[Dataset entries]
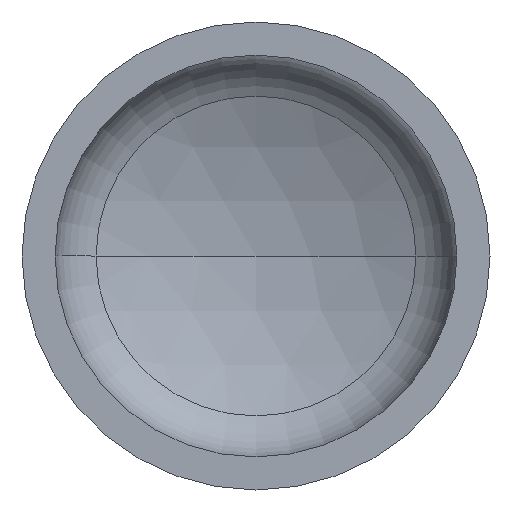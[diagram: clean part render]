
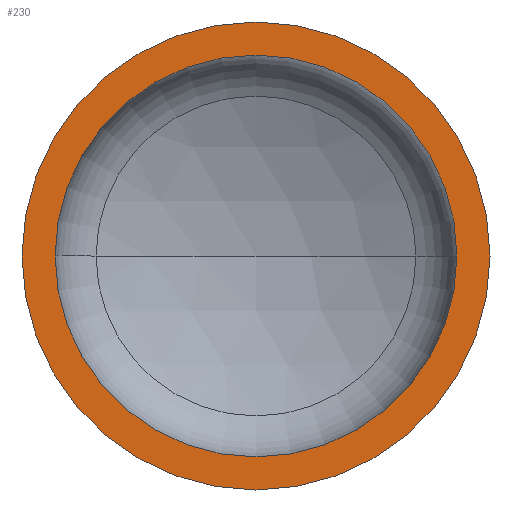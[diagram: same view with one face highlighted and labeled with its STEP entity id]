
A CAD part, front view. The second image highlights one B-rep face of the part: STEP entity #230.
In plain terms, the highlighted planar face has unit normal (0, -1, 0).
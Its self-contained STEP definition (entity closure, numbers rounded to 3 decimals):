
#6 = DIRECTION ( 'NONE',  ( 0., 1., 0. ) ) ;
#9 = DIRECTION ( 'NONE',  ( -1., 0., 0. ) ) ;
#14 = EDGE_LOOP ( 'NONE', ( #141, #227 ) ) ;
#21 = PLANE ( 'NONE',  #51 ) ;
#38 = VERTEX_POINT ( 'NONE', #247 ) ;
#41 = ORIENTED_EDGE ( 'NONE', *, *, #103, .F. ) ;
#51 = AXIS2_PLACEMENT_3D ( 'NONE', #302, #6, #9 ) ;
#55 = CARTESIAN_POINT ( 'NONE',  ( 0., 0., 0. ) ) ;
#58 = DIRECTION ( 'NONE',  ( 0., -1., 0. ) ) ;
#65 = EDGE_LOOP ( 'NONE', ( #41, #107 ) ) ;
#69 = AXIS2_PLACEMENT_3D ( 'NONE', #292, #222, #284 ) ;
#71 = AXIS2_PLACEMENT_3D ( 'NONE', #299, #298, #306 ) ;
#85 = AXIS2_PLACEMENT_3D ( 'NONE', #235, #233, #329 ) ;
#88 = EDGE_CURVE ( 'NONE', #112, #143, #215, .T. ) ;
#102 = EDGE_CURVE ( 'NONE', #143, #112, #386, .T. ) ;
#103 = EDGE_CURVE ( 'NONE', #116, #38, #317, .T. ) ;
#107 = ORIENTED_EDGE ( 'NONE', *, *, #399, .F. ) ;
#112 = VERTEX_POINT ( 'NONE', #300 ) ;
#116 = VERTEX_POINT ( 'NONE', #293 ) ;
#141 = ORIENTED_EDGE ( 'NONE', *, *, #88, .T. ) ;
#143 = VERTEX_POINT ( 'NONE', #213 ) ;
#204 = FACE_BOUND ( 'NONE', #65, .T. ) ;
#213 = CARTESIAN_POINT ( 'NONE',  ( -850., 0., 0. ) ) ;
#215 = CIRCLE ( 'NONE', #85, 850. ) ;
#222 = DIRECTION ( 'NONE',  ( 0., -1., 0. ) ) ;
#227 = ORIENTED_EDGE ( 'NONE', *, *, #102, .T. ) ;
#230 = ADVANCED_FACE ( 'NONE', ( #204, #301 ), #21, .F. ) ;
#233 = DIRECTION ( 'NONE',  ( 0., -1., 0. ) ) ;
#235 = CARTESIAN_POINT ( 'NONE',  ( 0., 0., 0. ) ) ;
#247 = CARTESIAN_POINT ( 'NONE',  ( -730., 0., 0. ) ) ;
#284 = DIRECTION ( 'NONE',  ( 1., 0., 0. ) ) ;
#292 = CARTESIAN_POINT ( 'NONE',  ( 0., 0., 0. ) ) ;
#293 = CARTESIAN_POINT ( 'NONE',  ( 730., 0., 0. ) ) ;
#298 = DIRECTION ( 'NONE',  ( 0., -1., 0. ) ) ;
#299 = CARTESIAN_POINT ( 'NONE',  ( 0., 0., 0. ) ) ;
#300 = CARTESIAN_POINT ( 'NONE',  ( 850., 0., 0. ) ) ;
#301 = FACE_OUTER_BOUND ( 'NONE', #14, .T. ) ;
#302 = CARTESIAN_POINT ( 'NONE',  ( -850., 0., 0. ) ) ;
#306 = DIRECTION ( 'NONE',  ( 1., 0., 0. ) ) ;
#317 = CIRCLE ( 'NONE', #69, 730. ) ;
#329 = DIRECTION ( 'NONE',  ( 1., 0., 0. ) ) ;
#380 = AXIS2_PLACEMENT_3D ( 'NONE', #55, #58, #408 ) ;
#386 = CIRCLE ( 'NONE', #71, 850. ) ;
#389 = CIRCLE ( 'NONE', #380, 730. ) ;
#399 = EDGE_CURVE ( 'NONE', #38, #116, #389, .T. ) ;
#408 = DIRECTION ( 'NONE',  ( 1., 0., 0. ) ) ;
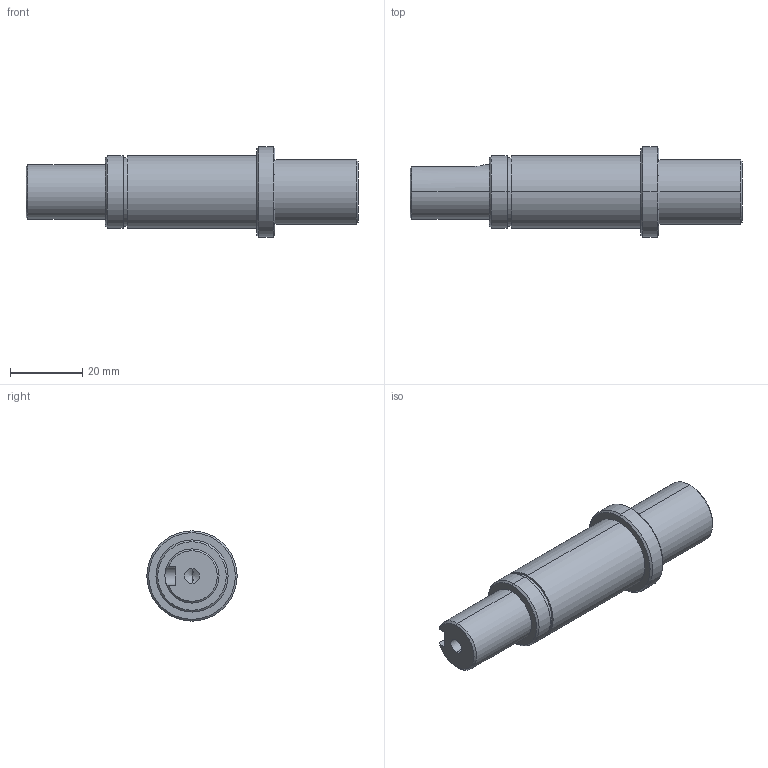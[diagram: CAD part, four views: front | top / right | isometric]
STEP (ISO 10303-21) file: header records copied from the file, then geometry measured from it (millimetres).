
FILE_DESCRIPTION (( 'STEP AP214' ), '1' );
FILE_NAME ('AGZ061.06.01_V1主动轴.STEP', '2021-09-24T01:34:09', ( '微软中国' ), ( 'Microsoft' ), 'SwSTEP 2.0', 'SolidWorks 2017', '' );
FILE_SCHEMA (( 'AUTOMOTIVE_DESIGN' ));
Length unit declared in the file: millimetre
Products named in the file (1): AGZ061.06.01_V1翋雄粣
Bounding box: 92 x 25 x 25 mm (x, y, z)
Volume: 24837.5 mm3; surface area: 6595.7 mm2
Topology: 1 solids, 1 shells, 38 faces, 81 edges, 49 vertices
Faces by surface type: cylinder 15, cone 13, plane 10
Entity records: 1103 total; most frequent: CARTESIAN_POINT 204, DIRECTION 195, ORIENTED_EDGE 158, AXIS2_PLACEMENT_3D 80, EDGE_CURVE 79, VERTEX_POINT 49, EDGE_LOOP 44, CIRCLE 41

TASK TO COMPLETE. Reproduce exactly the section above that begins at the line containing "#41 = ORIENTED_EDGE" and ends at the line containing "#71 = AXIS2_PLACEMENT_3D", leaving out all other lines.

ANSWER SPACE.
#41 = ORIENTED_EDGE ( 'NONE', *, *, #103, .F. ) ;
#51 = AXIS2_PLACEMENT_3D ( 'NONE', #302, #6, #9 ) ;
#55 = CARTESIAN_POINT ( 'NONE',  ( 0., 0., 0. ) ) ;
#58 = DIRECTION ( 'NONE',  ( 0., -1., 0. ) ) ;
#65 = EDGE_LOOP ( 'NONE', ( #41, #107 ) ) ;
#69 = AXIS2_PLACEMENT_3D ( 'NONE', #292, #222, #284 ) ;
#71 = AXIS2_PLACEMENT_3D ( 'NONE', #299, #298, #306 ) ;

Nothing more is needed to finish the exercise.